Work request -
Since pictures are not wanted, repeat only the text of the records, word for word.

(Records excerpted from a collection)
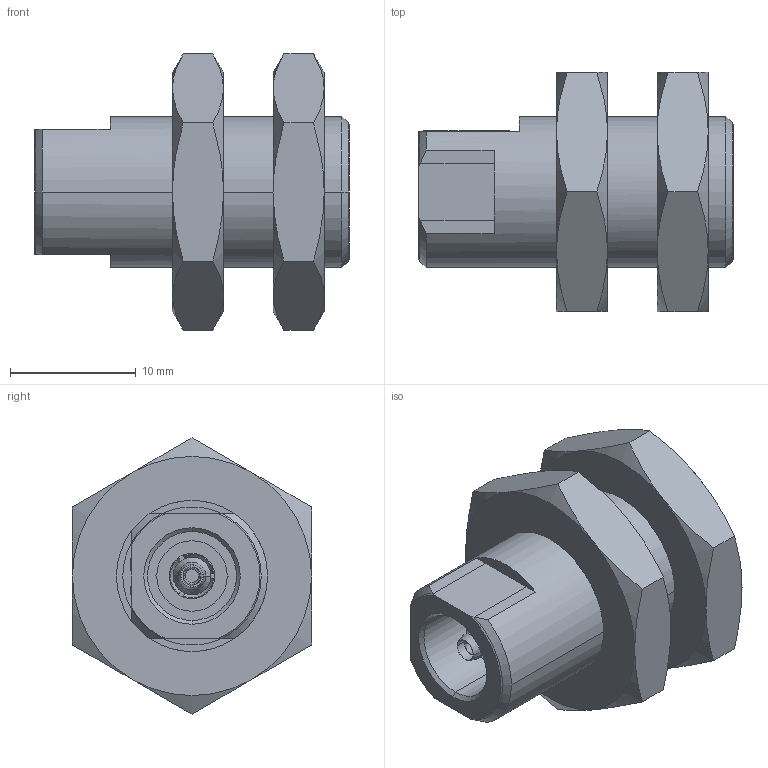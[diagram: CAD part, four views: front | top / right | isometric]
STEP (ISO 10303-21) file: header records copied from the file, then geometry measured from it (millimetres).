
FILE_DESCRIPTION((''),'2;1');
FILE_NAME('ES2_ASM','2008-09-19T',('11000205'),(''),'PRO/ENGINEER BY PARAMETRIC TECHNOLOGY CORPORATION, 2006460','PRO/ENGINEER BY PARAMETRIC TECHNOLOGY CORPORATION, 2006460','');
FILE_SCHEMA(('CONFIG_CONTROL_DESIGN'));
Length unit declared in the file: millimetre
Products named in the file (4): ES2; MUTTER-SW19; ZFG0_134; ES2_ASM
Assembly tree (4 placements, depth 2):
  ES2_ASM
    ES2
    MUTTER-SW19  x2
    ZFG0_134
Bounding box: 25 x 19 x 21.94 mm (x, y, z)
Volume: 4195.1 mm3; surface area: 4651.1 mm2
Topology: 4 solids, 7 shells, 820 faces, 2319 edges, 1523 vertices
Faces by surface type: plane 670, cylinder 75, cone 70, torus 5
Entity records: 25910 total; most frequent: CARTESIAN_POINT 5081, ORIENTED_EDGE 4494, DIRECTION 4007, EDGE_CURVE 2257, VECTOR 1911, LINE 1911, VERTEX_POINT 1487, AXIS2_PLACEMENT_3D 1048

Answer section -
[diagram: CAD part, four views: front | top / right | isometric]
STEP (ISO 10303-21) file: header records copied from the file, then geometry measured from it (millimetres).
FILE_DESCRIPTION((''),'2;1');
FILE_NAME('ES2_ASM','2008-09-19T',('11000205'),(''),'PRO/ENGINEER BY PARAMETRIC TECHNOLOGY CORPORATION, 2006460','PRO/ENGINEER BY PARAMETRIC TECHNOLOGY CORPORATION, 2006460','');
FILE_SCHEMA(('CONFIG_CONTROL_DESIGN'));
Length unit declared in the file: millimetre
Products named in the file (4): ES2; MUTTER-SW19; ZFG0_134; ES2_ASM
Assembly tree (4 placements, depth 2):
  ES2_ASM
    ES2
    MUTTER-SW19  x2
    ZFG0_134
Bounding box: 25 x 19 x 21.94 mm (x, y, z)
Volume: 4195.1 mm3; surface area: 4651.1 mm2
Topology: 4 solids, 7 shells, 820 faces, 2319 edges, 1523 vertices
Faces by surface type: plane 670, cylinder 75, cone 70, torus 5
Entity records: 25910 total; most frequent: CARTESIAN_POINT 5081, ORIENTED_EDGE 4494, DIRECTION 4007, EDGE_CURVE 2257, VECTOR 1911, LINE 1911, VERTEX_POINT 1487, AXIS2_PLACEMENT_3D 1048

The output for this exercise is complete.